I have been working on a project fish tank. Which I wanted to share. Its something that started as a novelty item but has quickly turned into a useful tool. Basically speaking it allows me to monitor and interact with my tank from any where using an internet connection, even my iPhone. I have a live streaming video of the fish, I can pan the camera, I can control tank aeration, check water temperature and pH level and I can even control a dinosaur ornament that I rigged up. These are available for you to tinker with right now. Other things that I do not allow publicly (for obvious reasons) is the ability to feed the fish remotely and control the tank lights and spotlights.

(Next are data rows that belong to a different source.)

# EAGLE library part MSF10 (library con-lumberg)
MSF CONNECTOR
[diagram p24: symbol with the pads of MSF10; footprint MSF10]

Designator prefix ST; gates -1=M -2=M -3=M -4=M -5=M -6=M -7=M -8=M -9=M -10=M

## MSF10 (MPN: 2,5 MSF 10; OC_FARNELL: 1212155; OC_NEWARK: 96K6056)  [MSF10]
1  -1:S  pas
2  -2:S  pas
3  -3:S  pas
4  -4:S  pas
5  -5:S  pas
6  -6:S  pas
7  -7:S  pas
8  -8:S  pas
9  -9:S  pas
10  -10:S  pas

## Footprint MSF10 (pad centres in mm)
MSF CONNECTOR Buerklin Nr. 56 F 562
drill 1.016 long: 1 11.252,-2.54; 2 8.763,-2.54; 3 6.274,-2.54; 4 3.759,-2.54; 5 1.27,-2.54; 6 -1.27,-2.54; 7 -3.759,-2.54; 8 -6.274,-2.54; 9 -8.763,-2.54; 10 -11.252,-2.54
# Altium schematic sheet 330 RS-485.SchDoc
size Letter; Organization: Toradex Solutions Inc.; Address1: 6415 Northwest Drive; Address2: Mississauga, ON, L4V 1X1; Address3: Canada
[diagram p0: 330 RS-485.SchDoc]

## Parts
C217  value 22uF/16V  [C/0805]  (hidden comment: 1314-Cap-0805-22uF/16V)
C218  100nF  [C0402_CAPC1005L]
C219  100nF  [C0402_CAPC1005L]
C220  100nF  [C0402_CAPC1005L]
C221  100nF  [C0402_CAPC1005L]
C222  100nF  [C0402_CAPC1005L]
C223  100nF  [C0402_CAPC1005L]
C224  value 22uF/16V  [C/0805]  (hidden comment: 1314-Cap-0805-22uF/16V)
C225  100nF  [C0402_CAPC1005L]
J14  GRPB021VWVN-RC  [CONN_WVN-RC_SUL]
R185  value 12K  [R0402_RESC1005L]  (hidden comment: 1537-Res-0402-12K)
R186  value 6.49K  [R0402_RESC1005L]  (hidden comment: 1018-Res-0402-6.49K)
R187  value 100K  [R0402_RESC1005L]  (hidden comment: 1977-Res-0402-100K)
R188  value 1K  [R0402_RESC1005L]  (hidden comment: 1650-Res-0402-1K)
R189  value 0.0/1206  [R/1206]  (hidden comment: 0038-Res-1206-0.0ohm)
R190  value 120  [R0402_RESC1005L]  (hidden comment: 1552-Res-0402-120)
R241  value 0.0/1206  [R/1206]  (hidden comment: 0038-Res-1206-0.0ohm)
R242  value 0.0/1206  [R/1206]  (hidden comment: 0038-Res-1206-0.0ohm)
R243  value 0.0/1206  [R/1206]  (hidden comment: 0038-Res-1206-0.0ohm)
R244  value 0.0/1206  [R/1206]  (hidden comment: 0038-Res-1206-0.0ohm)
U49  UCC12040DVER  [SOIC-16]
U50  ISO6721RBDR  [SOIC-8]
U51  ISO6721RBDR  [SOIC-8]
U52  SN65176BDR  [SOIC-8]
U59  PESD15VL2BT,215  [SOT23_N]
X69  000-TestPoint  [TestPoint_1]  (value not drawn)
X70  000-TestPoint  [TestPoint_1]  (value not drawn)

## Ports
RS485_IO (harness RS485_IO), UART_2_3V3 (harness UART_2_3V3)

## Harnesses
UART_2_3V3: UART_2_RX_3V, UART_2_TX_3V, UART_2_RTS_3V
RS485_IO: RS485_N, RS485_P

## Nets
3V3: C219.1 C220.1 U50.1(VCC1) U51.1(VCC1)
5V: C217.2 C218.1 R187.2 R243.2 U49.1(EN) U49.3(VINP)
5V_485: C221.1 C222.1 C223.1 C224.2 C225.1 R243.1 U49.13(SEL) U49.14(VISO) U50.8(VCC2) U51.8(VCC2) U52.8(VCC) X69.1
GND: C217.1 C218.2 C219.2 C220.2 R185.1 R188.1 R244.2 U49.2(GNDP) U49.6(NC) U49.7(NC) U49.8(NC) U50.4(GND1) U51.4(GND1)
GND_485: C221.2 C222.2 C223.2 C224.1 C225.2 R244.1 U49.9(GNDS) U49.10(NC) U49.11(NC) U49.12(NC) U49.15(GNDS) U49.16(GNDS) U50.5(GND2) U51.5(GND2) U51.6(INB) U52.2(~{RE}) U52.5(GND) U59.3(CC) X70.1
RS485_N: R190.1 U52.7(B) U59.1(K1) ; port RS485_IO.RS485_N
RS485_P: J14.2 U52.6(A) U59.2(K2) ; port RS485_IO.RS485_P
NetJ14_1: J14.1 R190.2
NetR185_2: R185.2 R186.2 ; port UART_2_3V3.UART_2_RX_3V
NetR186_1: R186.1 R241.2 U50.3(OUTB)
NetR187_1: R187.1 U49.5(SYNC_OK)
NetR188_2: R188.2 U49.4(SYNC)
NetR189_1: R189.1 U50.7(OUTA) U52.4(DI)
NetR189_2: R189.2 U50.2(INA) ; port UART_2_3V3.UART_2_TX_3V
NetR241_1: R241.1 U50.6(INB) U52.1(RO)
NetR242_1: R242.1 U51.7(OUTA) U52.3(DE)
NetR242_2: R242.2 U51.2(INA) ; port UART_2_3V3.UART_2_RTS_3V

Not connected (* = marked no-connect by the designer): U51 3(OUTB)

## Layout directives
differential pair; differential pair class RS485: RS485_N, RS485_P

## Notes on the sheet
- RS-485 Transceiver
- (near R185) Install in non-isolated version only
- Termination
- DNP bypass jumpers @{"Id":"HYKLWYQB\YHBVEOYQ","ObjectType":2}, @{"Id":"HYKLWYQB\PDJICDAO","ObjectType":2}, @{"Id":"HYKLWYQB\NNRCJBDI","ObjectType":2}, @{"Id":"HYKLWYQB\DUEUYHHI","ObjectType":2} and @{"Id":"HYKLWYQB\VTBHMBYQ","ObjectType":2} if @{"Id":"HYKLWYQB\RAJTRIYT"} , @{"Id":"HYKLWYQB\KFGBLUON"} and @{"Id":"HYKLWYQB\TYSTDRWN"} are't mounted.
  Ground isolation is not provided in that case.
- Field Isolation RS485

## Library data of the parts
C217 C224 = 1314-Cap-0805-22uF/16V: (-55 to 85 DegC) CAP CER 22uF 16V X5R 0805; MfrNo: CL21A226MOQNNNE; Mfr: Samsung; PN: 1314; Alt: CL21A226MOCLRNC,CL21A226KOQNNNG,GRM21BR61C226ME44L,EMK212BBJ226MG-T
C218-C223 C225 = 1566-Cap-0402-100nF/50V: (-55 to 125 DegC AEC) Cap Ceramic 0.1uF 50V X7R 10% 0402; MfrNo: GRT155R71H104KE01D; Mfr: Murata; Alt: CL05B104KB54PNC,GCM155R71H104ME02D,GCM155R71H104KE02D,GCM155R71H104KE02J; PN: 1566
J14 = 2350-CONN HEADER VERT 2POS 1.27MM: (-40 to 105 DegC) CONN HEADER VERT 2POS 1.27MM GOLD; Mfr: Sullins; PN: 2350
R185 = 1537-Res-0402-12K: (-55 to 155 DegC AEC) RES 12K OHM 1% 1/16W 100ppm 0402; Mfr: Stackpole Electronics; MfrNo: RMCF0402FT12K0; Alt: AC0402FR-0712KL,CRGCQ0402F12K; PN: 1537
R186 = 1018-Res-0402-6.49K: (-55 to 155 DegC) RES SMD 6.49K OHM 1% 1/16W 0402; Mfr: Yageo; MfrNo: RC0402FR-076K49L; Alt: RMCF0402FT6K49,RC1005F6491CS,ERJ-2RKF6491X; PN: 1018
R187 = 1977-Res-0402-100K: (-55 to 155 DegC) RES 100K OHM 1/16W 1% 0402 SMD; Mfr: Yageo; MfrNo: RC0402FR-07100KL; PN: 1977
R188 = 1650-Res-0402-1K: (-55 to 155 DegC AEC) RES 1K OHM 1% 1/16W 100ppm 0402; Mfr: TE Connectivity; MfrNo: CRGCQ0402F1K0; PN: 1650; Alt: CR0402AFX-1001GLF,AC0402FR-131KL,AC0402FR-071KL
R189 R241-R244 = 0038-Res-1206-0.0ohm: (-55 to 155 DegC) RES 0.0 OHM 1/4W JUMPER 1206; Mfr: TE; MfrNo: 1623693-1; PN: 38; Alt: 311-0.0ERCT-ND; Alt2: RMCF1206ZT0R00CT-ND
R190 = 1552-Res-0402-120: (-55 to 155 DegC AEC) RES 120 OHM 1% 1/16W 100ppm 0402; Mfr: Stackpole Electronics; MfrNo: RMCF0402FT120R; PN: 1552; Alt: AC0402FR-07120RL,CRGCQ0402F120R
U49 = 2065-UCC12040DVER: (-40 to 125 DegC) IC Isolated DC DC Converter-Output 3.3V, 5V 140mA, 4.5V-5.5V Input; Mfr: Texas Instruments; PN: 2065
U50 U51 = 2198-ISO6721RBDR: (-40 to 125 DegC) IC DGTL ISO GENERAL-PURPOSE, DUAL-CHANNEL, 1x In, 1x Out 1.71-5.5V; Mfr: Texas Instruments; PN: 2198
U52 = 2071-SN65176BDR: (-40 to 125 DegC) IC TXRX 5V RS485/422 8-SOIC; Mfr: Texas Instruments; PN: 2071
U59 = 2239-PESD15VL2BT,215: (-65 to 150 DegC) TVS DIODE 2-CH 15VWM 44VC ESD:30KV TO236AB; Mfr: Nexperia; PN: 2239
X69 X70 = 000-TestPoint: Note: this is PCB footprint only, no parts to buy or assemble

If you wish to try, surf to: 

http://www.tankedcam.com/index.php?option=com_content&view=article&id=87&Itemid=94

for you iPhone and Touch fanatics, point your browser to m.tankedcam.com

Would love to hear what you think. Would this maybe be allowed as a contestant in the TOTM contest?


----------



## skason (Jan 8, 2009)

This is by far one of the coolest things I have seen in a really long time. Being a student, I am away from my tank for most of the day, and spend copious amounts of time on my computer, so this is fantastic. The day I put my fish in their new home I thought to myself, now if there was only a way I could set up a web cam to monitor their well-being. And you're way ahead of me and so much more. Great Job!


----------



## Dragonbeards (Dec 14, 2008)

That is so cool! It would be very helpful to other people that weren't me... I stay at home all day (being homeschooled) so I can constantly monitor my tank, but I can see how this would be useful to others.


----------



## Guest (Apr 7, 2009)

awesome dude!


----------



## blor (Jul 7, 2005)

That is neat...would love to have one of my own tank.


----------



## crazyfishlady (Nov 4, 2007)

That would be perfect for vacations! No more inviting someone over to come feed your fish when your away!


----------



## -Chris- (Mar 31, 2009)

very cool! I hit a platy with the diver and bumped the shark with the dinasours mouth....


----------



## N0z (Jun 3, 2009)

dude this is a awesome idea but the link didnt work for me ?!? D:


----------



## link the legend (Oct 9, 2009)

i want 1 thats so cool but how do u not get people overflowing your tank or eating your fish with dino?


----------



## Plecostomus (Jul 31, 2006)

So if you're watching your tank at home you can tell if people are on that site if you randomly see the dino open its mouth? that is so cool!


----------